What Senge has been relentlessly describing and exploring since his best-selling book, The Fifth Discipline, is the authentic organization of the future. An organization, described by the Arthur W. Page Society as the “The Authentic Enterprise” — an organization that has the ability to adapt to and thrive in a radically new economic and societal environment. And this new type of organization is one that is able to learn, and therefore able to change its behaviors and mindsets as a result of experience. An organization that is able to do what organization theorists Argyris and Schön call double-loop learning – learning that occurs when error is detected and corrected in ways that involve the modification of an organization’s underlying norms, policies and objectives.

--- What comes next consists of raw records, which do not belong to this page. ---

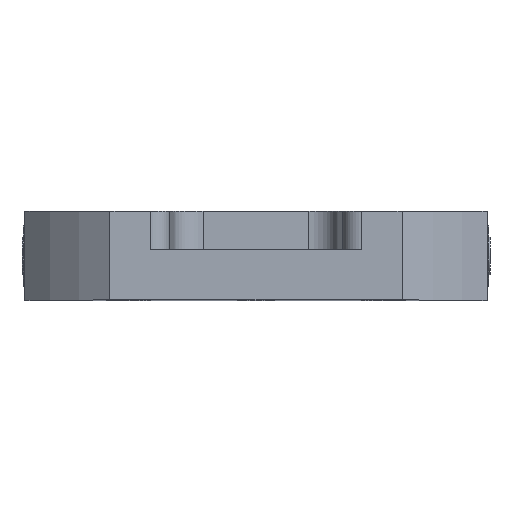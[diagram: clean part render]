
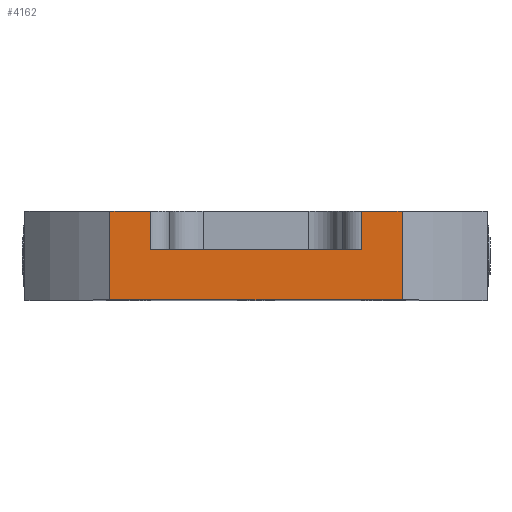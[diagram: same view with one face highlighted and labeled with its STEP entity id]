
A CAD part, top view. The second image highlights one B-rep face of the part: STEP entity #4162.
In plain terms, the highlighted planar face has unit normal (0, 0, 1).
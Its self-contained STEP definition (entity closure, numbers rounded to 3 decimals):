
#160 = CARTESIAN_POINT ( 'NONE',  ( -49.305, 30., 87. ) ) ;
#378 = LINE ( 'NONE', #6644, #2933 ) ;
#627 = VECTOR ( 'NONE', #7341, 1000. ) ;
#638 = DIRECTION ( 'NONE',  ( -1., 0., 0. ) ) ;
#753 = CARTESIAN_POINT ( 'NONE',  ( -35.664, 30., 87. ) ) ;
#832 = VERTEX_POINT ( 'NONE', #2292 ) ;
#1091 = EDGE_CURVE ( 'NONE', #6761, #2979, #7273, .T. ) ;
#1196 = CARTESIAN_POINT ( 'NONE',  ( -78., 30., 87. ) ) ;
#1294 = EDGE_CURVE ( 'NONE', #4221, #5798, #378, .T. ) ;
#1315 = LINE ( 'NONE', #2565, #5054 ) ;
#1411 = CARTESIAN_POINT ( 'NONE',  ( -29.845, 17.046, 87. ) ) ;
#1512 = CARTESIAN_POINT ( 'NONE',  ( 49.305, 0., 87. ) ) ;
#1617 = CARTESIAN_POINT ( 'NONE',  ( 35.664, 30., 87. ) ) ;
#1687 = CARTESIAN_POINT ( 'NONE',  ( -78., 30., 87. ) ) ;
#1797 = DIRECTION ( 'NONE',  ( 1., 0., 0. ) ) ;
#1823 = PLANE ( 'NONE',  #7293 ) ;
#1928 = ORIENTED_EDGE ( 'NONE', *, *, #6772, .F. ) ;
#2041 = ORIENTED_EDGE ( 'NONE', *, *, #7197, .T. ) ;
#2125 = VERTEX_POINT ( 'NONE', #5202 ) ;
#2184 = EDGE_CURVE ( 'NONE', #4221, #7384, #7248, .T. ) ;
#2292 = CARTESIAN_POINT ( 'NONE',  ( 49.305, 30., 87. ) ) ;
#2406 = LINE ( 'NONE', #1687, #7407 ) ;
#2565 = CARTESIAN_POINT ( 'NONE',  ( -78., 0., 87. ) ) ;
#2643 = ORIENTED_EDGE ( 'NONE', *, *, #3681, .T. ) ;
#2933 = VECTOR ( 'NONE', #4812, 1000. ) ;
#2973 = LINE ( 'NONE', #5361, #5514 ) ;
#2979 = VERTEX_POINT ( 'NONE', #6405 ) ;
#3022 = DIRECTION ( 'NONE',  ( 0., 0., -1. ) ) ;
#3038 = ORIENTED_EDGE ( 'NONE', *, *, #7408, .F. ) ;
#3147 = DIRECTION ( 'NONE',  ( 1., 0., 0. ) ) ;
#3221 = DIRECTION ( 'NONE',  ( 1., 0., 0. ) ) ;
#3681 = EDGE_CURVE ( 'NONE', #5798, #7513, #1315, .T. ) ;
#3752 = ORIENTED_EDGE ( 'NONE', *, *, #1091, .T. ) ;
#4159 = CARTESIAN_POINT ( 'NONE',  ( -78., 30., 87. ) ) ;
#4162 = ADVANCED_FACE ( 'NONE', ( #5540 ), #1823, .F. ) ;
#4221 = VERTEX_POINT ( 'NONE', #160 ) ;
#4404 = VECTOR ( 'NONE', #1797, 1000. ) ;
#4605 = DIRECTION ( 'NONE',  ( 0., -1., 0. ) ) ;
#4654 = LINE ( 'NONE', #1411, #4936 ) ;
#4664 = EDGE_LOOP ( 'NONE', ( #3038, #2041, #5341, #5484, #2643, #6658, #1928, #3752 ) ) ;
#4812 = DIRECTION ( 'NONE',  ( 0., -1., 0. ) ) ;
#4931 = CARTESIAN_POINT ( 'NONE',  ( -49.305, 0., 87. ) ) ;
#4936 = VECTOR ( 'NONE', #3221, 1000. ) ;
#5054 = VECTOR ( 'NONE', #3147, 1000. ) ;
#5202 = CARTESIAN_POINT ( 'NONE',  ( -35.664, 17.046, 87. ) ) ;
#5273 = CARTESIAN_POINT ( 'NONE',  ( 35.664, 30., 87. ) ) ;
#5341 = ORIENTED_EDGE ( 'NONE', *, *, #2184, .F. ) ;
#5361 = CARTESIAN_POINT ( 'NONE',  ( -35.664, 30., 87. ) ) ;
#5484 = ORIENTED_EDGE ( 'NONE', *, *, #1294, .T. ) ;
#5514 = VECTOR ( 'NONE', #7135, 1000. ) ;
#5540 = FACE_OUTER_BOUND ( 'NONE', #4664, .T. ) ;
#5679 = VECTOR ( 'NONE', #4605, 1000. ) ;
#5798 = VERTEX_POINT ( 'NONE', #4931 ) ;
#5904 = DIRECTION ( 'NONE',  ( 1., 0., 0. ) ) ;
#6334 = EDGE_CURVE ( 'NONE', #7513, #832, #7613, .T. ) ;
#6405 = CARTESIAN_POINT ( 'NONE',  ( 35.664, 17.046, 87. ) ) ;
#6644 = CARTESIAN_POINT ( 'NONE',  ( -49.305, 30., 87. ) ) ;
#6658 = ORIENTED_EDGE ( 'NONE', *, *, #6334, .T. ) ;
#6761 = VERTEX_POINT ( 'NONE', #1617 ) ;
#6772 = EDGE_CURVE ( 'NONE', #6761, #832, #2406, .T. ) ;
#7135 = DIRECTION ( 'NONE',  ( 0., 1., 0. ) ) ;
#7197 = EDGE_CURVE ( 'NONE', #2125, #7384, #2973, .T. ) ;
#7248 = LINE ( 'NONE', #1196, #4404 ) ;
#7273 = LINE ( 'NONE', #5273, #5679 ) ;
#7293 = AXIS2_PLACEMENT_3D ( 'NONE', #4159, #3022, #638 ) ;
#7341 = DIRECTION ( 'NONE',  ( 0., 1., 0. ) ) ;
#7368 = CARTESIAN_POINT ( 'NONE',  ( 49.305, 30., 87. ) ) ;
#7384 = VERTEX_POINT ( 'NONE', #753 ) ;
#7407 = VECTOR ( 'NONE', #5904, 1000. ) ;
#7408 = EDGE_CURVE ( 'NONE', #2125, #2979, #4654, .T. ) ;
#7513 = VERTEX_POINT ( 'NONE', #1512 ) ;
#7613 = LINE ( 'NONE', #7368, #627 ) ;

The current BP experience is not the only one for industrial or commercial organizations to test their capability for double-loop learning.
 
What are the basic requirements that have to be in place, to allow learning and substantial change? Definitely an increased level of responsibility and willingness for being accountable across the whole organization; a solid grounding in a society based on a strong network of relationships and peer support; the capability to take advantage of the distributed intelligence in the organization; and, finally, the ability to comprehend and address the whole, understanding system dynamics and being oriented toward the long-term view.
 
Companies that have created such an environment for learning always have an opportunity to change the game. “A positive self-reinforcing effect of just one firm in an industry can change the game for every one by demonstrating what is possible” (Senge).